At the recent Solidaridad conference in Johannesburg, African farmers spoke about the challenges they faced in their respective countries. Solidaridad is an international organisation with more than 25 years’ experience in creating fair and sustainable supply chains from producer to consumer. It also helps companies to implement corporate social responsibility and find sustainable suppliers.
Although South Africa is far ahead of other African countries in terms of agricultural production, our smallholder farmers and those across the continent face remarkably similar problems. Access to markets, for example, is a common difficulty right across Africa. Where smallholder farmers do manage to gain access, it is always at a primary level, and because they are not part of the value chain, the reality is that these farmers remain very poor.

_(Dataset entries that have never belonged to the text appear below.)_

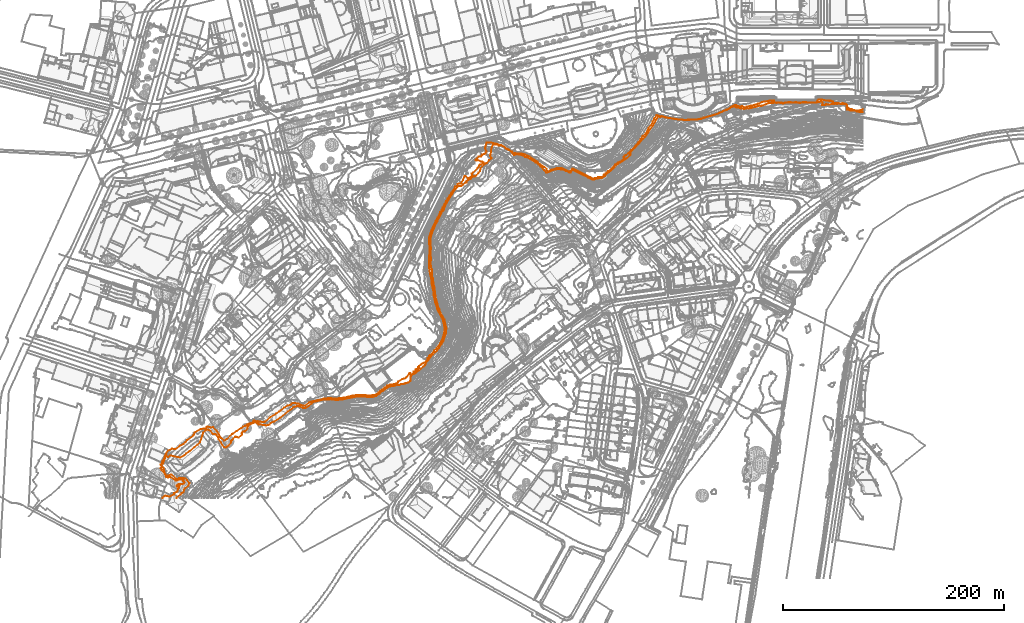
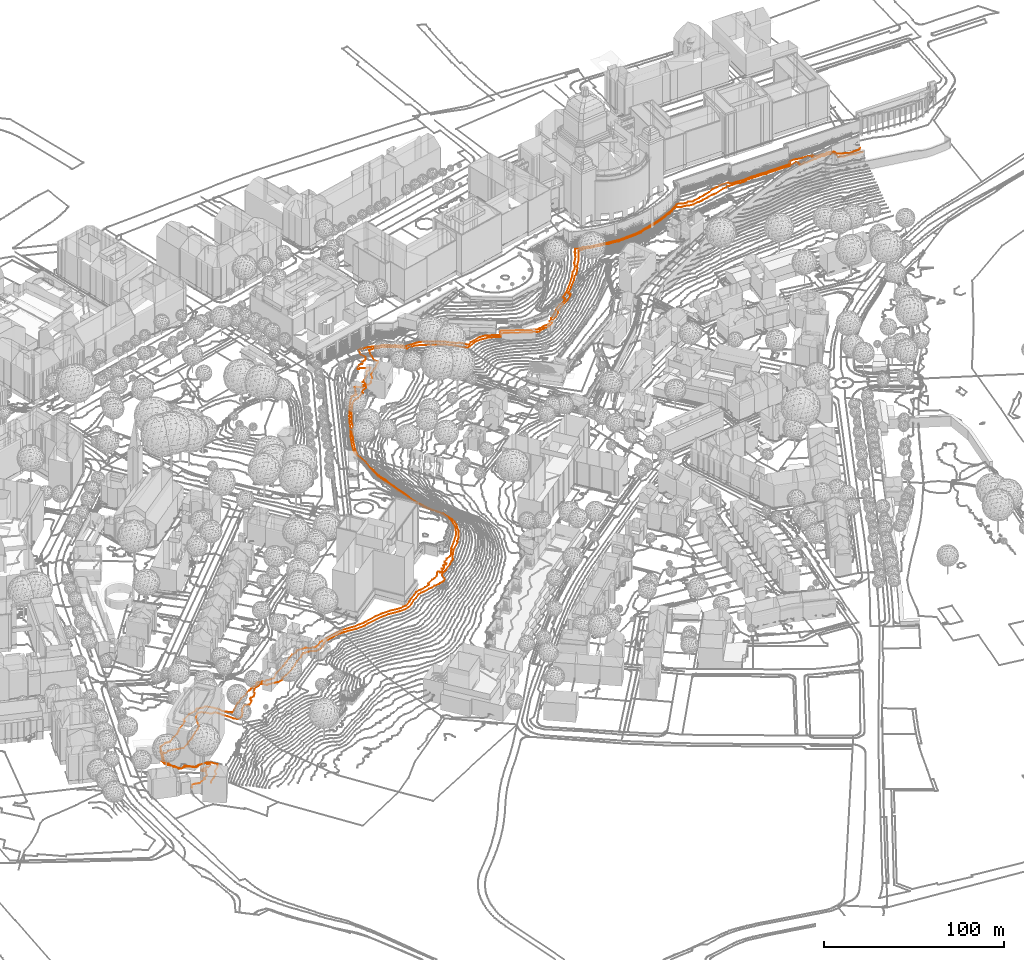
# Not in any storey, part 154 of 477: 2 geographic elements.
"""IFC4 model written with IfcOpenShell, lengths in metres."""

from ifc_helpers import new_model, entity, si_unit, frame, origin_with_axes, place, context, subcontext, project, spatial, element, save


model = new_model("IFC4")

# Units and contexts
model_context = context("Model", 3, precision=1e-05, world=origin_with_axes())
body_context = subcontext(model_context, "Body", "Model", "MODEL_VIEW")
ifc_project = project(units=[si_unit("AREAUNIT", "SQUARE_METRE"), si_unit("LENGTHUNIT", "METRE")], contexts=[model_context])

# Sites
site_1_placement = place(None, origin_with_axes())
site_1 = spatial("IfcSite", under=ifc_project, at=site_1_placement, Name="Topoexport Site")
site_2_placement = place(site_1_placement, origin_with_axes())
site_2 = spatial("IfcSite", under=site_1, at=site_2_placement, Name="TPX_CONTOUR_LINES")

# Geographic elements
geographic_element_1_placement = place(site_2_placement, frame((53.9243443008, 29.1707160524, 528.0), z_axis=(0.0, 0.0, 1.0), x_axis=(1.0, 0.0, 0.0)))
element("IfcGeographicElement", 1, at=geographic_element_1_placement, inside=site_2, Name="Contour Line 528.0 m", PredefinedType="NOTDEFINED", context=body_context, shape_type="GeometricCurveSet", body=[
    entity("IfcGeometricCurveSet", [entity("IfcIndexedPolyCurve", entity("IfcCartesianPointList3D", [[634.2533877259, 318.3275813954, 0.0], [632.7533877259, 318.6875302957, 0.0], [628.7533877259, 318.7833704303, 0.0], [626.7533877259, 319.6780520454, 0.0], [622.7533877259, 319.7864254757, 0.0], [620.7533877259, 320.6822437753, 0.0], [619.7533877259, 320.7493584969, 0.0], [619.5017505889, 321.0, 0.0], [619.3206944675, 325.0, 0.0], [618.7533877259, 325.5575704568, 0.0], [615.7533877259, 325.9832924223, 0.0], [613.7533877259, 325.6624658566, 0.0], [611.7533877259, 326.2392512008, 0.0], [610.7533877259, 325.8120008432, 0.0], [609.7533877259, 326.1629067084, 0.0], [607.7533877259, 325.6360123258, 0.0], [606.7533877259, 325.7663551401, 0.0], [601.7533877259, 325.2248138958, 0.0], [600.7533877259, 325.6001272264, 0.0], [599.7533877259, 324.9460109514, 0.0], [597.1469386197, 325.0, 0.0], [597.5899216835, 327.0, 0.0], [596.7533877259, 328.1684241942, 0.0], [591.7533877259, 327.0823497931, 0.0], [578.7533877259, 327.0987999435, 0.0], [576.7533877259, 326.6823048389, 0.0], [575.7533877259, 327.0641047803, 0.0], [572.7533877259, 327.2063637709, 0.0], [564.7533877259, 327.1543279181, 0.0], [563.7623349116, 327.0, 0.0], [562.7533877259, 326.448357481, 0.0], [561.7533877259, 326.4343716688, 0.0], [559.7533877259, 326.5102784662, 0.0], [557.7533877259, 327.0712284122, 0.0], [555.7533877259, 326.7871612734, 0.0], [553.7533877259, 327.1238699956, 0.0], [552.7533877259, 326.8738637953, 0.0], [551.7533877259, 327.0086323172, 0.0], [550.7533877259, 326.5442009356, 0.0], [548.7533877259, 326.4970273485, 0.0], [542.7533877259, 324.3087642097, 0.0], [541.7533877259, 324.0844859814, 0.0], [540.7533877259, 324.2665307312, 0.0], [537.7533877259, 323.6869343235, 0.0], [536.7533877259, 323.1665404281, 0.0], [533.7533877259, 322.6711744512, 0.0], [532.7533877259, 321.923361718, 0.0], [531.7533877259, 322.1948013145, 0.0], [530.7533877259, 321.79420745, 0.0], [529.7533877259, 322.0634176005, 0.0], [526.7533877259, 321.4310220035, 0.0], [523.7533877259, 321.7720772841, 0.0], [522.7533877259, 322.2461229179, 0.0], [519.7533877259, 322.6639315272, 0.0], [516.7533877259, 323.879054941, 0.0], [515.7533877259, 323.1270044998, 0.0], [514.7533877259, 323.0593332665, 0.0], [512.7533877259, 321.4416476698, 0.0], [511.386918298, 321.0, 0.0], [510.7533877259, 320.4270142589, 0.0], [508.883221, 320.0, 0.0], [507.7533877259, 319.2233969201, 0.0], [504.7533877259, 318.0903262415, 0.0], [503.7533877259, 317.4272977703, 0.0], [497.7533877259, 315.3818701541, 0.0], [489.7533877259, 313.310846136, 0.0], [487.7533877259, 312.3348697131, 0.0], [482.7533877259, 311.6746949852, 0.0], [474.7533877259, 311.4417765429, 0.0], [472.7533877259, 311.0941094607, 0.0], [470.7533877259, 311.5978547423, 0.0], [466.7533877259, 311.7810933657, 0.0], [465.7533877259, 312.1097318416, 0.0], [461.7533877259, 312.4745305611, 0.0], [459.7533877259, 313.0628267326, 0.0], [455.7533877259, 313.4827356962, 0.0], [454.7533877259, 314.111926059, 0.0], [451.7533877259, 314.5648022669, 0.0], [450.7533877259, 314.2096413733, 0.0], [449.7533877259, 314.9244332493, 0.0], [448.7533877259, 314.3285525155, 0.0], [443.855997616, 306.0, 0.0], [440.7533877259, 301.9664132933, 0.0], [439.8296132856, 300.0, 0.0], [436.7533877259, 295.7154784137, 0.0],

An example at the Solidaridad conference was Joseph Nkole from Zambia, who painted a sober picture of the realities experienced by smallholder cotton farmers in Zambia. Despite producing one of the most important commodities in the world, these farmers have remained poor.
Nkole related how cotton produced in Zambia is exported to Asia where it is used in the manufacture of shirts. These shirts are then shipped to Europe and the USA, sold and worn for three or four years. Then they are donated to an NGO or charity organisation and returned to Zambia and other countries – to be given to poor farmers! The farmers cannot afford new shirts and are unable to benefit from the cotton value chain.
It is to be expected that as the world’s population grows, more people will spend more money. According to the UN’s Food and Agriculture Organisation (FAO), the world’s population is currently split half-half between urban and rural areas. But by 2050, no less than 70% of the world’s population will be living in urban areas. This means that a portion of the remaining 30% will have to produce food for the rest of the world.
Lifestyles will change as a result of urbanisation, with a resultant increase in income. FAO predicts that there will be a further diversification of diets, with less consumption of grains and other staples, and greater consumption of meat, dairy products, vegetables, fruit and fish. People will also demand more semi-processed and ready-to-eat foods, and vast sums will be spent on buying food.
All this should be good news for farmers. However, farmers are not currently reaping the rewards of population growth, as profit margins are continually shrinking. The irony is farmers’ profits are not declining because people are buying or eating less – the opposite is actually true. It seems that the faster the population grows and the more money is spent on food, the more farming operations are failing.
The obvious solution would be to add value. But will smallholder farmers be able to achieve this on their own? Partnerships between government, farmers and the private sector will be key to solving this problem.